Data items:
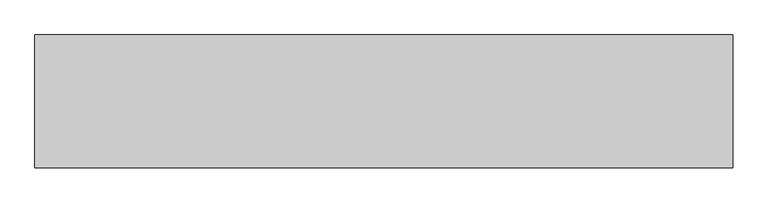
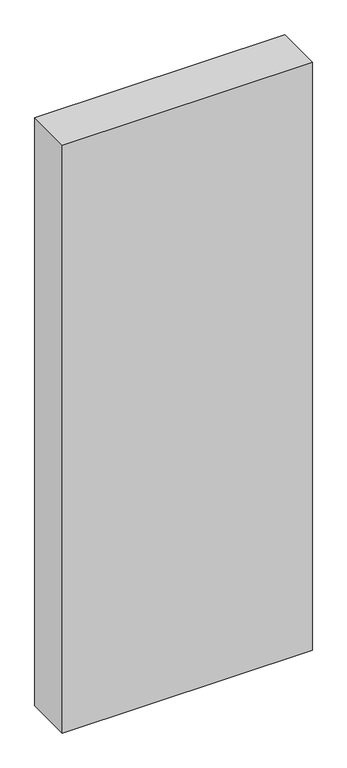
"""IFC4 building model written with IfcOpenShell, lengths in millimetres: proxy geometry."""

import ifcopenshell
import ifcopenshell.guid

model = None  # the IFC model being written
_history = None  # IfcOwnerHistory: only IFC2X3 demands one
_inside = {}  # id of a spatial element -> (the spatial element, [elements in it])
_under = {}  # id of a project, library or spatial element -> (it, [spatial elements below it])
_declared = {}  # id of a project -> (the project, [libraries it declares])
_typed = {}  # id of a type object -> (the type object, [elements of that type])
_made_of = {}  # id of a material, layer set ... -> (it, [elements and type objects made of it])


def new_model(schema):
    """Start an empty IFC model of exactly this schema.

    Asked for "IFC4X3", IfcOpenShell would pick the latest addendum, in which some entities
    have other attributes; the version numbers below select the first issue.
    IFC2X3 requires an IfcOwnerHistory on every rooted entity: one is made here for all.
    """
    global model, _history
    if schema == "IFC4X3":
        model = ifcopenshell.file(schema_version=(4, 3, 0, 0))
    else:
        model = ifcopenshell.file(schema=schema)
    _inside.clear()
    _under.clear()
    _declared.clear()
    _typed.clear()
    _made_of.clear()
    _history = None
    if model.schema == "IFC2X3":
        org = make("IfcOrganization", Name="unknown")
        user = make(
            "IfcPersonAndOrganization",
            ThePerson=make("IfcPerson", FamilyName="unknown"),
            TheOrganization=org,
        )
        app = make(
            "IfcApplication",
            ApplicationDeveloper=org,
            Version="unknown",
            ApplicationFullName="unknown",
            ApplicationIdentifier="unknown",
        )
        _history = make(
            "IfcOwnerHistory",
            OwningUser=user,
            OwningApplication=app,
            ChangeAction="ADDED",
            CreationDate=0,
        )
    return model


def make(cls, **values):
    """One entity of the class cls with the attributes given. An attribute that is None is left unset."""
    return model.create_entity(
        cls, **{name: value for name, value in values.items() if value is not None}
    )


def rooted(cls, **values):
    """An entity with a GlobalId (a new one), such as an element, a storey or a relation."""
    return make(cls, GlobalId=ifcopenshell.guid.new(), OwnerHistory=_history, **values)


def si_unit(unit_type, name, prefix=None):
    """IfcSIUnit, for example si_unit("LENGTHUNIT", "METRE", prefix="MILLI")."""
    return make("IfcSIUnit", UnitType=unit_type, Prefix=prefix, Name=name)


def assignment(units):
    """IfcUnitAssignment: the units of a project."""
    return None if units is None else make("IfcUnitAssignment", Units=units)


def point(xyz):
    """IfcCartesianPoint."""
    return None if xyz is None else make("IfcCartesianPoint", Coordinates=xyz)


def direction(xyz):
    """IfcDirection."""
    return None if xyz is None else make("IfcDirection", DirectionRatios=xyz)


def frame(location, z_axis=None, x_axis=None):
    """IfcAxis2Placement3D, a coordinate frame: its origin and axes. An axis left out is left unset."""
    return make(
        "IfcAxis2Placement3D",
        Location=point(location),
        Axis=direction(z_axis),
        RefDirection=direction(x_axis),
    )


def origin():
    """The frame at (0, 0, 0) with its axes left unset."""
    return frame((0.0, 0.0, 0.0))


def origin_with_axes():
    """The frame at (0, 0, 0) with the z axis (0, 0, 1) and the x axis (1, 0, 0) written out."""
    return frame((0.0, 0.0, 0.0), z_axis=(0.0, 0.0, 1.0), x_axis=(1.0, 0.0, 0.0))


def place(relative_to, where):
    """IfcLocalPlacement: puts the frame where relative to a parent placement (None: the world)."""
    return make(
        "IfcLocalPlacement", PlacementRelTo=relative_to, RelativePlacement=where
    )


def context(
    kind, dimensions, precision=None, world=None, true_north=None, identifier=None
):
    """IfcGeometricRepresentationContext, for example the 3D "Model" context."""
    return make(
        "IfcGeometricRepresentationContext",
        ContextIdentifier=identifier,
        ContextType=kind,
        CoordinateSpaceDimension=dimensions,
        Precision=precision,
        WorldCoordinateSystem=world,
        TrueNorth=true_north,
    )


def project(units=None, contexts=None):
    """IfcProject with its units and contexts."""
    return rooted(
        "IfcProject",
        Name="project",
        RepresentationContexts=contexts,
        UnitsInContext=assignment(units),
    )


def spatial(cls, under=None, at=None, **own):
    """A site, building, storey or space (cls), placed at a placement, below another one or the project."""
    s = rooted(cls, ObjectPlacement=at, **own)
    if under is not None:
        _under.setdefault(under.id(), (under, []))[1].append(s)
    return s


def polyline(points):
    """IfcPolyline through the points."""
    return make("IfcPolyline", Points=[point(p) for p in points])


def outline(outer, holes=None, kind="AREA"):
    """IfcArbitraryClosedProfileDef: a profile drawn as a closed curve; with holes, ...WithVoids."""
    if holes is None:
        return make("IfcArbitraryClosedProfileDef", ProfileType=kind, OuterCurve=outer)
    return make(
        "IfcArbitraryProfileDefWithVoids",
        ProfileType=kind,
        OuterCurve=outer,
        InnerCurves=holes,
    )


def extrude(swept, where, along, depth):
    """IfcExtrudedAreaSolid: the profile swept, set in the frame where, extruded along a direction by depth."""
    return make(
        "IfcExtrudedAreaSolid",
        SweptArea=swept,
        Position=where,
        ExtrudedDirection=direction(along),
        Depth=depth,
    )


def shape(context_of_items, identifier, shape_type, items):
    """IfcShapeRepresentation: the items that make up one representation, for example the "Body"."""
    return make(
        "IfcShapeRepresentation",
        ContextOfItems=context_of_items,
        RepresentationIdentifier=identifier,
        RepresentationType=shape_type,
        Items=items,
    )


def source(mapping_origin, context_of_items, identifier, shape_type, items):
    """IfcRepresentationMap: a shape defined once, which mapped items show again and again."""
    return make(
        "IfcRepresentationMap",
        MappingOrigin=mapping_origin,
        MappedRepresentation=shape(context_of_items, identifier, shape_type, items),
    )


def transform(
    local_origin,
    x_axis=None,
    y_axis=None,
    z_axis=None,
    scale=None,
    scale2=None,
    scale3=None,
    uniform=True,
):
    """IfcCartesianTransformationOperator3D, or its non-uniform kind. x_axis, y_axis, z_axis: its Axis1, 2, 3."""
    if uniform:
        return make(
            "IfcCartesianTransformationOperator3D",
            Axis1=direction(x_axis),
            Axis2=direction(y_axis),
            LocalOrigin=point(local_origin),
            Scale=scale,
            Axis3=direction(z_axis),
        )
    return make(
        "IfcCartesianTransformationOperator3DnonUniform",
        Axis1=direction(x_axis),
        Axis2=direction(y_axis),
        LocalOrigin=point(local_origin),
        Scale=scale,
        Axis3=direction(z_axis),
        Scale2=scale2,
        Scale3=scale3,
    )


def mapped(mapping_source, mapping_target):
    """IfcMappedItem: shows the shape of a source again, moved by a transform."""
    return make(
        "IfcMappedItem", MappingSource=mapping_source, MappingTarget=mapping_target
    )


def made_of(thing, what):
    """Note that an element or type object is made of a material, layer set ...; save() writes the relation."""
    if what is not None:
        _made_of.setdefault(what.id(), (what, []))[1].append(thing)
    return thing


def element(
    cls,
    number,
    at=None,
    inside=None,
    cuts=None,
    type_object=None,
    material=None,
    context=None,
    identifier="Body",
    shape_type=None,
    held_by="IfcProductDefinitionShape",
    body=None,
    shapes=None,
    **own,
):
    """One element of the class cls, such as IfcWall. Its Tag is "e" and its number.

    at: its placement. inside: the storey or other place that contains it. cuts: it is an
    opening in that element (IfcRelVoidsElement). A single representation is given by context,
    identifier, shape_type and body (its items); several are given by shapes. held_by: the class
    of the entity that holds the representations. save() writes the other relations.
    """
    e = rooted(cls, Tag="e%d" % number, ObjectPlacement=at, **own)
    if body is not None:
        shapes = [shape(context, identifier, shape_type, body)]
    if shapes is not None:
        e.Representation = make(held_by, Representations=shapes)
    if inside is not None:
        _inside.setdefault(inside.id(), (inside, []))[1].append(e)
    if cuts is not None:
        rooted(
            "IfcRelVoidsElement", RelatingBuildingElement=cuts, RelatedOpeningElement=e
        )
    if type_object is not None:
        _typed.setdefault(type_object.id(), (type_object, []))[1].append(e)
    return made_of(e, material)


def aggregate(whole, parts):
    """IfcRelAggregates: a whole, such as a stair, and the parts it consists of."""
    return rooted("IfcRelAggregates", RelatingObject=whole, RelatedObjects=parts)


def save(model, path):
    """Write the relations noted so far, then the file.

    IfcRelAggregates (storeys below a building ...), IfcRelContainedInSpatialStructure (elements
    in a storey), IfcRelDefinesByType, IfcRelAssociatesMaterial and IfcRelDeclares: one each for
    every whole, place, type object, material and project.
    """
    for whole, parts in _under.values():
        aggregate(whole, parts)
    for where, things in _inside.values():
        rooted(
            "IfcRelContainedInSpatialStructure",
            RelatedElements=things,
            RelatingStructure=where,
        )
    for kind, things in _typed.values():
        rooted("IfcRelDefinesByType", RelatedObjects=things, RelatingType=kind)
    for what, things in _made_of.values():
        rooted("IfcRelAssociatesMaterial", RelatedObjects=things, RelatingMaterial=what)
    for by, libraries in _declared.values():
        rooted("IfcRelDeclares", RelatingContext=by, RelatedDefinitions=libraries)
    model.write(path)


def generic_models_e22b3fbf(model_context):
    return source(origin(), model_context, "Body", "SweptSolid", [
        extrude(outline(polyline([(-1000.0, 0.0), (0.0, 0.0), (0.0, -190.0), (-1000.0, -190.0), (-1000.0, 0.0)])), origin_with_axes(), (0.0, 0.0, 1.0), 2485.0),
    ])


if __name__ == "__main__":
    model = new_model("IFC4")
    model_context = context("Model", 3, world=origin())
    ifc_project = project(units=[si_unit("LENGTHUNIT", "METRE", prefix="MILLI")], contexts=[model_context])
    site = spatial("IfcSite", under=ifc_project)
    building = spatial("IfcBuilding", under=site)
    placement = place(None, origin())
    generic_models_shape = generic_models_e22b3fbf(model_context)
    element("IfcBuildingElementProxy", 1, Name="Generic Models", at=placement, inside=building, context=model_context, shape_type="MappedRepresentation", body=[
        mapped(generic_models_shape, transform((0.0, 0.0, 0.0), x_axis=(1.0, 0.0, 0.0), y_axis=(0.0, 1.0, 0.0), z_axis=(0.0, 0.0, 1.0))),
    ])
    save(model, "model.ifc")

• **Task item**
What is the number of lines in the entries above that hold the string "things"? Please state that number alone.

• **Written solution**
6